A disputa judicial decorre da renúncia de Cláudio Castro em 23 de março, um dia antes do julgamento do Tribunal Superior Eleitoral (TSE) que o tornou inelegível por abuso de poder político e econômico nas eleições de 2022. Com a saída do governador e a renúncia prévia do vice Thiago Pampolha, o Executivo estadual entrou em dupla vacância, desencadeando o impasse sobre o método de escolha do novo mandatário.

Para Zanin, a renúncia de Castro não elimina o caráter eleitoral da vacância, pois houve tentativa de contornar a decisão do TSE. Já Fux argumenta que o TSE apenas declarou a inelegibilidade, sem cassar o mandato, e que a legislação estadual permite eleição indireta nos dois últimos anos do governo. O ministro também defende que a votação na Alerj seja secreta, afastando a necessidade de voto aberto.

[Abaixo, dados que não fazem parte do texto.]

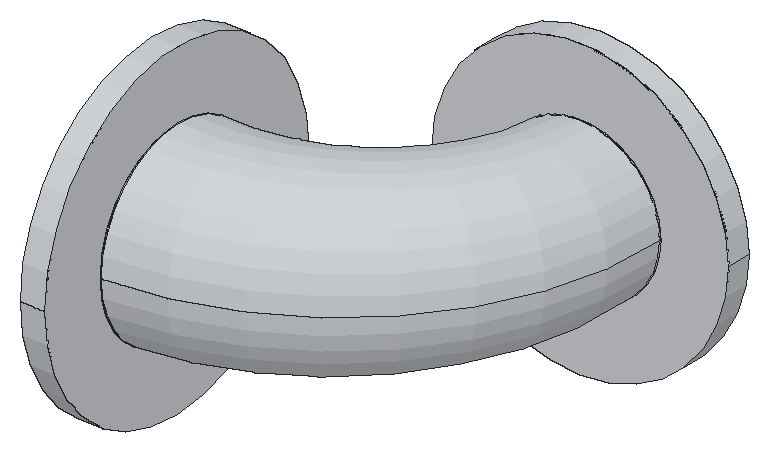
Revit family "8afb928cd7524b96b37448c97b916b5a", category Pipe Fittings, Revit 2021
Family settings
  Round Connector Dimension = Use Radius
  Part Type = Elbow
  OmniClass Number = 23.60.30.11.14
  OmniClass Title = Pipework Fittings
  Seek Item ID = Elbow Reducing - Flanged - GI - Class 25-0000-USA-ENU
  Work Plane-Based = No
  Always vertical = Yes
  Cut with Voids When Loaded = No
  Shared = No
Parameters (values of type "Standard")
  Wall Thickness 2 [instance] = size_lookup(Lookup Table Name, "WThk", 0.02 * Nominal Diameter 2 + 21/64", Nominal Diameter 2)  # 0.43307"
  Wall Thickness 1 [instance] = size_lookup(Lookup Table Name, "WThk", 0.02 * Nominal Diameter 1 + 21/64", Nominal Diameter 1)  # 0.43307"
  Tick Size 2 [instance] = Flange Diameter 2 * 0.4  # 3.6063"
  Tick Size 1 [instance] = Flange Diameter 1 * 0.4  # 4"
  Nominal Radius 2 [instance] = 2"
  Nominal Diameter 2 [instance] = Nominal Radius 2 * 2  # 4"
  Loss Method = K Coefficient from Table
  Lookup Table Name = "Elbow Reducing - Flanged - GI - Class 25"
  Length 8 [instance] = Center to Face - if(Max Nominal Diameter 12 = Nominal Diameter 1, Flange Thickness 1, Flange Thickness 2)  # 6.77165"
  Length 7 [instance] = Length 1 + Length 1 * cos(Angle) + (Flange Thickness 2 + Length 5) * cos(Angle)  # 6.77165"
  Length 6 [instance] = (Flange Thickness 2 + Length 5) * sin(Angle)  # 0.77928"
  Length 5 [instance] = if(Max Nominal Diameter 12 = Nominal Diameter 2, 1/32", if(Center to Face - Flange Thickness 2 - Length 1 > 1/32", Center to Face - Flange Thickness 2 - Length 1, 1/32"))  # 1/32"
  Length 4 [instance] = if(Max Nominal Diameter 12 = Nominal Diameter 1, 1/32", if(Center to Face - Flange Thickness 1 - Length 1 > 1/32", Center to Face - Flange Thickness 1 - Length 1, 1/32"))  # 1/32"
  Length 3 [instance] = Length 1 + Length 1 * cos(Angle)  # 6.77165"
  Length 2 [instance] = Length 1 * sin(Angle)  # 6.77165"
  Max Nominal Diameter 12 [instance] = if(Nominal Diameter 1 > Nominal Diameter 2, Nominal Diameter 1, Nominal Diameter 2)  # 5"
  K Coefficient Table = "Regular Flanged 90 and 180 Elbow"
  Flange Thickness 2 [instance] = size_lookup(Lookup Table Name, "FThk", 0.03 * Nominal Diameter 2 + 169/256", Nominal Diameter 2)  # 0.74803"
  Flange Radius 2 [instance] = Flange Diameter 2 / 2  # 4.50787"
  Flange Diameter 2 [instance] = size_lookup(Lookup Table Name, "FDia", 1.16 * Nominal Diameter 2 + 4 11/16", Nominal Diameter 2)  # 9.01575"
  Fitting Outside Radius 2 [instance] = Fitting Outside Diameter 2 / 2  # 2.44094"
  Fitting Outside Radius 1 [instance] = Fitting Outside Diameter 1 / 2  # 2.93307"
  Fitting Outside Diameter 2 [instance] = Fitting Inside Diameter 2 + Wall Thickness 2 * 2  # 4.88189"
  Fitting Outside Diameter 1 [instance] = Fitting Inside Diameter 1 + Wall Thickness 1 * 2  # 5.86614"
  Length 1 [instance] = if(Max Nominal Diameter 12 * tan(Angle / 2) > Length 8, Max Nominal Diameter 12 * tan(Angle / 2) + 1/32", Length 8)  # 6.77165"
  Nominal Radius 1 [instance] = 2 1/2"
  Nominal Diameter 1 [instance] = Nominal Radius 1 * 2  # 5"
  Fitting Inside Diameter 2 [instance] = size_lookup(Lookup Table Name, "FID", 1.02 * Nominal Diameter 2 - 0", Nominal Diameter 2)  # 4.01575"
  Fitting Inside Diameter 1 [instance] = size_lookup(Lookup Table Name, "FID", 1.02 * Nominal Diameter 1 - 0", Nominal Diameter 1)  # 5"
  Default Elevation = 0' - 0"
  Center to Face [instance] = size_lookup(Lookup Table Name, "CtF", 0.67 * Max Nominal Diameter 12 + 4 89/256", Max Nominal Diameter 12)  # 7.51969"
  Center Radius [instance] = Length 1 / tan(Angle / 2)  # 6.77165"
  Flange Thickness 1 [instance] = size_lookup(Lookup Table Name, "FThk", 0.03 * Nominal Diameter 1 + 169/256", Nominal Diameter 1)  # 0.74803"
  Flange Radius 1 [instance] = Flange Diameter 1 / 2  # 5"
  Flange Diameter 1 [instance] = size_lookup(Lookup Table Name, "FDia", 1.16 * Nominal Diameter 1 + 4 11/16", Nominal Diameter 1)  # 10"
  Assembly Code = ""
  Angle [instance] = 90.00°
Reference planes (in)
  plane 1 "Center (Front/Back)": y = 0
  plane 2: z = 0
  plane 3 "Center (Left/Right)": x = 0
  plane 4: x = -6.77165
  plane 5: y = 6.77165
  plane 6: x = 0
  plane 7: y = 6.77165
  plane 8: x = -6.8029
  plane 9: x = -7.55094
  plane 10: x = 0
  plane 11: y = 7.55094
Forms (in)
  SweptBlend 1, solid, detail levels fine
    path in 3D
      loop
        arc (-6.77165, 0, 0) -> (-1.98337, 1.98337, 0) -> (0, 6.77165, 0) r 6.77165
    profile origin (-6.77165, 0, 0) x (0, 1, 0) y (0, 0, 1)
      loop
        circle (0, 0) r 2.93307
    end profile origin (0, 6.77165, 0) x (-1, 0, 0) y (0, 0, 1)
      loop
        circle (0, 0) r 2.44094
  Sweep 2, solid, detail levels fine
    path in 3D
      loop
        line (-6.8029, 0, 0) -> (-6.77165, 0, 0)
    profile origin (-6.78728, 0, 0) x (0, 1, 0) y (0, 0, 1)
      loop
        circle (0, 0) r 2.93307
  Sweep 3, solid, detail levels fine
    path in 3D
      loop
        line (0, 6.77165, 0) -> (0, 6.8029, 0)
    profile origin (0, 6.78728, 0) x (-1, 0, 0) y (0, 0, 1)
      loop
        circle (0, 0) r 2.44094
  Sweep 4, solid, detail levels fine
    path in 3D
      loop
        line (-6.8029, 0, 0) -> (-7.55094, 0, 0)
    profile origin (-7.17692, 0, 0) x (0, -1, 0) y (0, 0, 1)
      loop
        circle (0, 0) r 5
  Sweep 5, solid, detail levels fine
    path in 3D
      loop
        line (0, 6.8029, 0) -> (0, 7.55094, 0)
    profile origin (0, 7.17692, 0) x (-1, 0, 0) y (0, 0, 1)
      loop
        circle (0, 0) r 4.50787
Cuts and joins
  joined: Sweep 2, Sweep 4
  joined: Sweep 3, Sweep 5
Lines and regions (in)
  model lines, detail levels coarse+medium
    curve 1: arc (-6.77165, 0, 0) -> (-1.98337, 1.98337, 0) -> (0, 6.77165, 0) r 6.77165
    curve 2: line (-6.8029, 0, 0) -> (-6.77165, 0, 0)
    curve 3: line (-6.8029, 0, 0) -> (-7.55094, 0, 0)
    curve 4: line (0, 6.77165, 0) -> (0, 6.8029, 0)
    curve 5: line (0, 6.8029, 0) -> (0, 7.55094, 0)
    curve 11: line (-7.55094, 0, 0) -> (-7.55094, 4, 0)
    curve 12: line (-7.55094, 0, 0) -> (-7.55094, -4, 0)
    curve 13: line (0, 7.55094, 0) -> (3.6063, 7.55094, 0)
    curve 14: line (0, 7.55094, 0) -> (-3.6063, 7.55094, 0)
  sketch lines
    curve 6: arc (-6.77165, 0, 0) -> (-1.98337, 1.98337, 0) -> (0, 6.77165, 0) r 6.77165
    curve 7: line (-6.8029, 0, 0) -> (-6.77165, 0, 0)
    curve 8: line (0, 6.77165, 0) -> (0, 6.8029, 0)
    curve 9: line (-6.8029, 0, 0) -> (-7.55094, 0, 0)
    curve 10: line (0, 6.8029, 0) -> (0, 7.55094, 0)
Dimensions and locks (in)
  "Length 1": plane 4 to plane 3 "Center (Left/Right)"
  "Center Radius": plane 5 to plane 1 "Center (Front/Back)"
  "Length 3": plane 4 to plane 6
  "Length 2": plane 7 to plane 1 "Center (Front/Back)"
  "Length 4": plane 8 to plane 4
  "Flange Thickness 1": plane 9 to plane 8
  "Length 5": curve 4 to curve 4
  "Flange Thickness 2": curve 5 to curve 5
  "Length 6": plane 11 to plane 7
  "Tick Size 1": curve 11 to curve 11
  "Tick Size 1": curve 12 to curve 12
  "Tick Size 2": curve 13 to curve 13
  "Tick Size 2": curve 14 to curve 14
  "Length 7": plane 4 to plane 10
  "Fitting Outside Radius 1": radius of SweptBlend 1 sketch curve
  "Fitting Outside Radius 2": radius of SweptBlend 1 sketch curve
  "Fitting Outside Radius 1": radius of Sweep 2 sketch curve
  "Fitting Outside Radius 2": radius of Sweep 3 sketch curve
  "Flange Radius 1": radius of Sweep 4 sketch curve
  "Flange Radius 2": radius of Sweep 5 sketch curve
  "Angle": angle curve 1 to curve 1
  "Angle": angle plane 7 to curve 4
  "Angle": angle plane 7 to curve 5
  locked: curve 13 to curve 5 (angle 90.00°)
  locked: curve 5 to curve 14 (angle 90.00°)
  aligned and locked: plane 4 to curve 1
  aligned and locked: plane 1 "Center (Front/Back)" to curve 1
  aligned and locked: plane 1 "Center (Front/Back)" to curve 2
  aligned and locked: plane 8 to curve 3
  aligned and locked: plane 6 to curve 4
  aligned and locked: plane 1 "Center (Front/Back)" to curve 12
  aligned and locked: curve 12 to plane 9
Automatic sketch dimensions
  SweptBlend 1 sketch curve to profile plane = 0' - 0"  (x4)
  Sweep 2 sketch curve to profile plane = 0' - 0"  (x2)
  Sweep 3 sketch curve to profile plane = 0' - 0"  (x2)
  Sweep 4 sketch curve to profile plane = 0' - 0"  (x2)
  Sweep 5 sketch curve to profile plane = 0' - 0"  (x2)
Connectors (in)
  piping at (-7.55094, 0, 0), diameter 5, driven by "Nominal Radius 1", driven by "Angle"
    settings: on Sweep 4, index 1, connector inside diameter 5", connector length 0' - 0", flow factor 0, pipe flow 0 GPM, pressure drop 0.00 psi, fitting loss kfactor 0, connector angle 90.00°, fixture units 0, engagement length 0' - 0", angle of deflection 0.00°, flow configuration 0, flow direction 0, fitting loss method 0, system type 28, joint type 0, gender type 0, connector reference index 2, connector utility 0, adjustable connector no, is connector primary yes, connector description ""
  piping at (0, 7.55094, 0), diameter 4, driven by "Angle", driven by "Nominal Radius 2"
    settings: on Sweep 5, index 2, connector inside diameter 4", connector length 0' - 0", flow factor 0, pipe flow 0 GPM, pressure drop 0.00 psi, fitting loss kfactor 0, connector angle 90.00°, fixture units 0, engagement length 0' - 0", angle of deflection 0.00°, flow configuration 0, flow direction 0, fitting loss method 0, system type 28, joint type 0, gender type 0, connector reference index 1, connector utility 0, adjustable connector no, is connector primary no, connector description ""

O julgamento será retomado com o voto do ministro Flávio Dino, que poderá influenciar o resultado final sobre a forma de eleição para o mandato-tampão. A decisão terá impacto direto na organização política do estado do Rio de Janeiro e poderá estabelecer precedentes sobre como vacâncias em cargos executivos estaduais devem ser tratadas em situações semelhantes.